An exhibition titled “Armenity”, one of many on display until October 18, 2015, took place at the International Art Exhibition La Biennale di Venezia near the Mekhitarist Monastery on St Lazarus Island in Venice, Italy. The Exhibition is in the participation of many artists of Armenian Origin, Descendants of Survivors of the Armenian Genocide. The event is organized by Adelina Von Furstenberg.
Who are the participants?
The theme represents different aspects of persecution, displacement, and immigration, that Hrair Sarkissian, one of the contemporary artists from the diaspora, grandchild of those who survived the genocide, will exhibit in addition to Haig Aivazian, Nigol Bezjian, Anna Boghiguian, Hera Büyüktaşçıyan, Silvina Der-Meguerditchian, Rene Gabri & Ayreen Anastas, Mekhitar Garabedian, Aikaterini Gegisian, Yervant Gianikian & Angela Ricci Lucchi, Aram Jibilian, Nina Katchadourian, Melik Ohanian, Mikayel Ohanjanyan, Rosana Palazyan, and Sarkis. All together they will try to strengthen, with their works, the notion of displacement and land, justice and reconciliation, morals, and resilience.
The details in the different shades of light, urge those present, to want to know more about the stories behind the images. Corners of houses, tables, furniture, portraits of people in the dark reflected in the shadows with hidden faces. Hands of men and women, illuminated by a single beam of light, as if in a scene of interrogation. People “rejected by Turkish society and only partially accepted by the Armenian community and that remain invisible.”

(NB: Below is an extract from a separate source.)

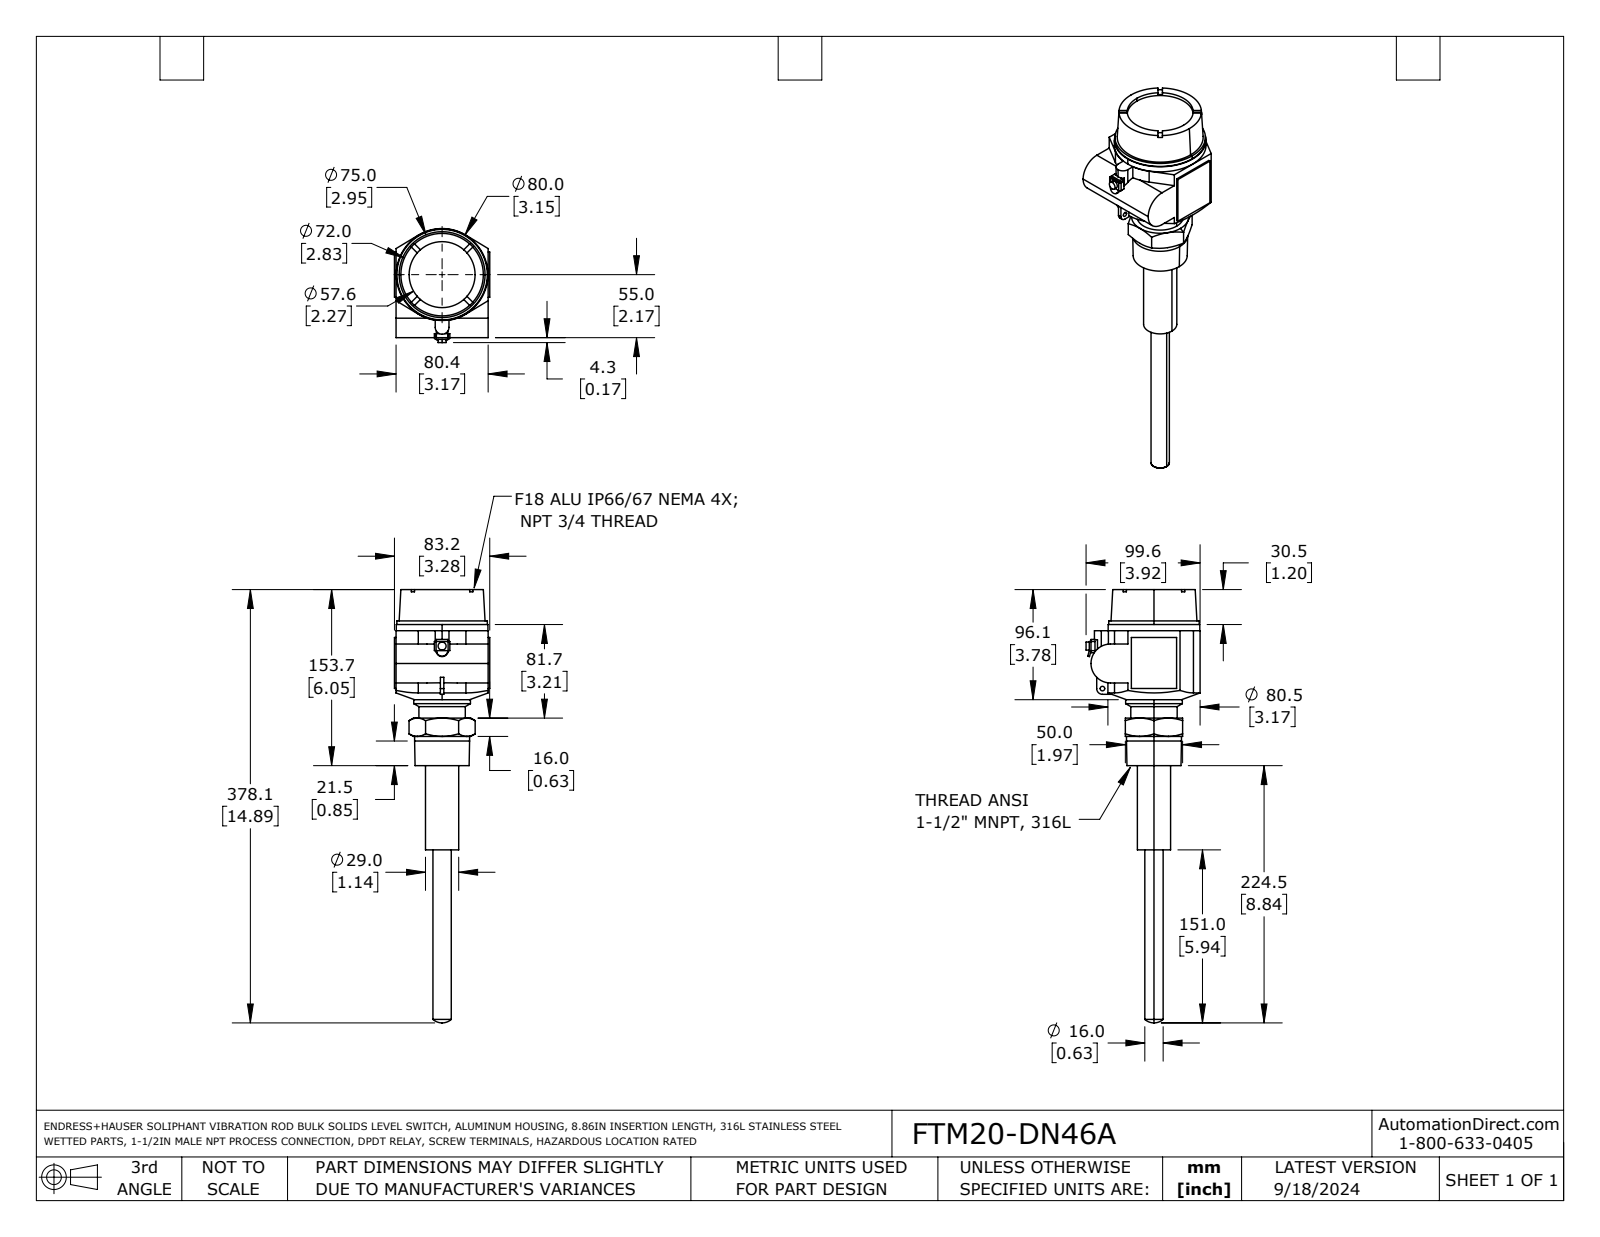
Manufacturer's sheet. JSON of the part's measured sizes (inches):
{"part_name": "FTM20-DN46A", "step_written_by": "SolidWorks 2021 (AUTOMOTIVE_DESIGN)", "units": "inches", "bodies": {"solids": 1, "faces": 151, "planar": 88, "cylindrical": 36, "other": 27}, "overall_size": [14.888, 3.919, 3.276], "volume_in3": 42.85, "surface_area_in2": 99.39, "round_holes": [[0.157, 1], [2.268, 1]], "round_bosses_or_shafts": [[3.15, 1], [3.11, 1], [1.949, 1], [1.89, 1], [1.594, 1], [1.142, 1], [0.63, 1], [0.276, 1]], "partial_cylinders_radius": [[0.059, 3], [0.197, 2], [0.236, 1], [0.669, 1], [1.585, 1]], "face_to_face_distances": [0.055, 3.22, 3.276, 3.165, 0.118, 1.969, 5.931, 6.049, 3.169, 1.634]}

Hrair Sarkissian, has started his project titled: Unexposed, in 2012, speaks about Armenians whose ancestors had to convert to Islam to escape the genocide that occurred in the Ottoman Empire in 1915 and that today, having rediscovered their roots and, having converted to Christianity, they are forced to conceal their Armenian identity.

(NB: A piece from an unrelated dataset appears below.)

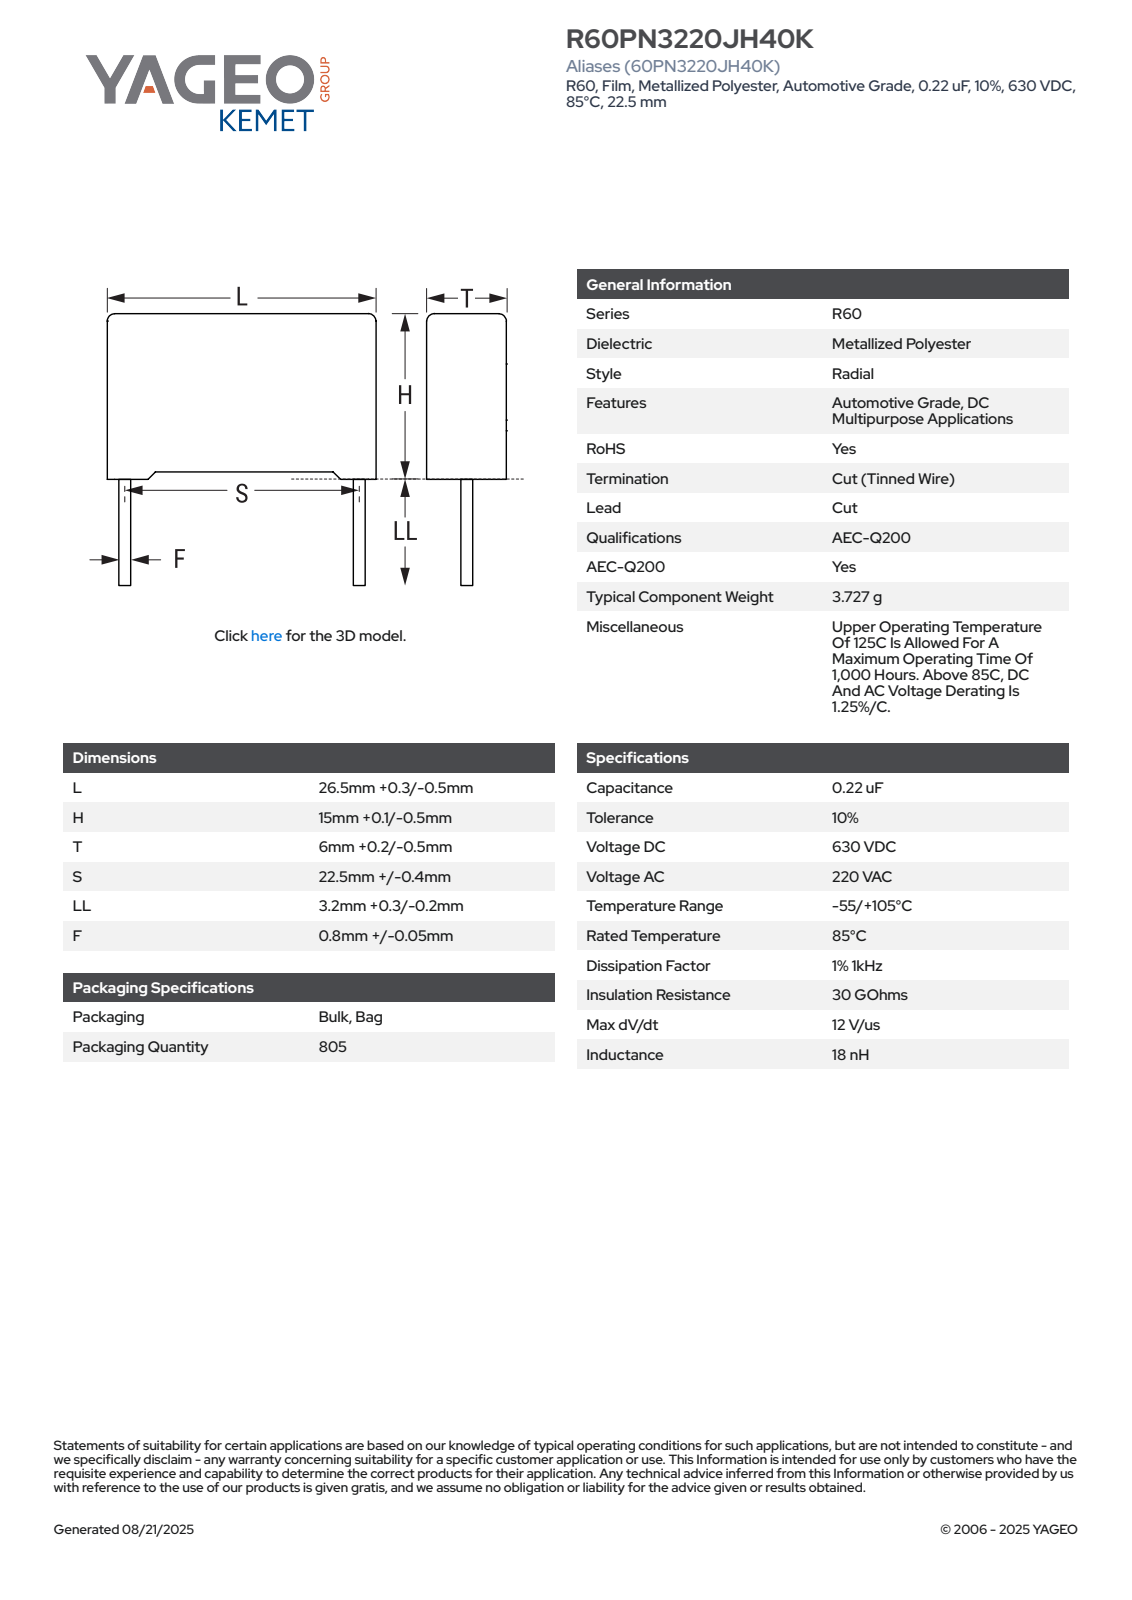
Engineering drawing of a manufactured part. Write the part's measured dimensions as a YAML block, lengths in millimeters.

Melik Ohanian, presents “Datcha Project”, which he started in 2005, where people from different backgrounds and cultures were invited to share a moment in an Armenian village.
Aikaterini Gegisian presents “A Small Guide to the Invisible Seas”, that she has created through a collage of images produced in different ideological contexts Soviet Armenia, Turkey, and Greece from 1960 to 1980.
What makes the show more interesting is that it is located on the Armenian San Lazarus Island, situated between San Marco and the Lido. Famous for its gardens, the old printing house, Monastery and library of manuscripts, and that has helped to preserve one of the most important assets of the Armenian culture.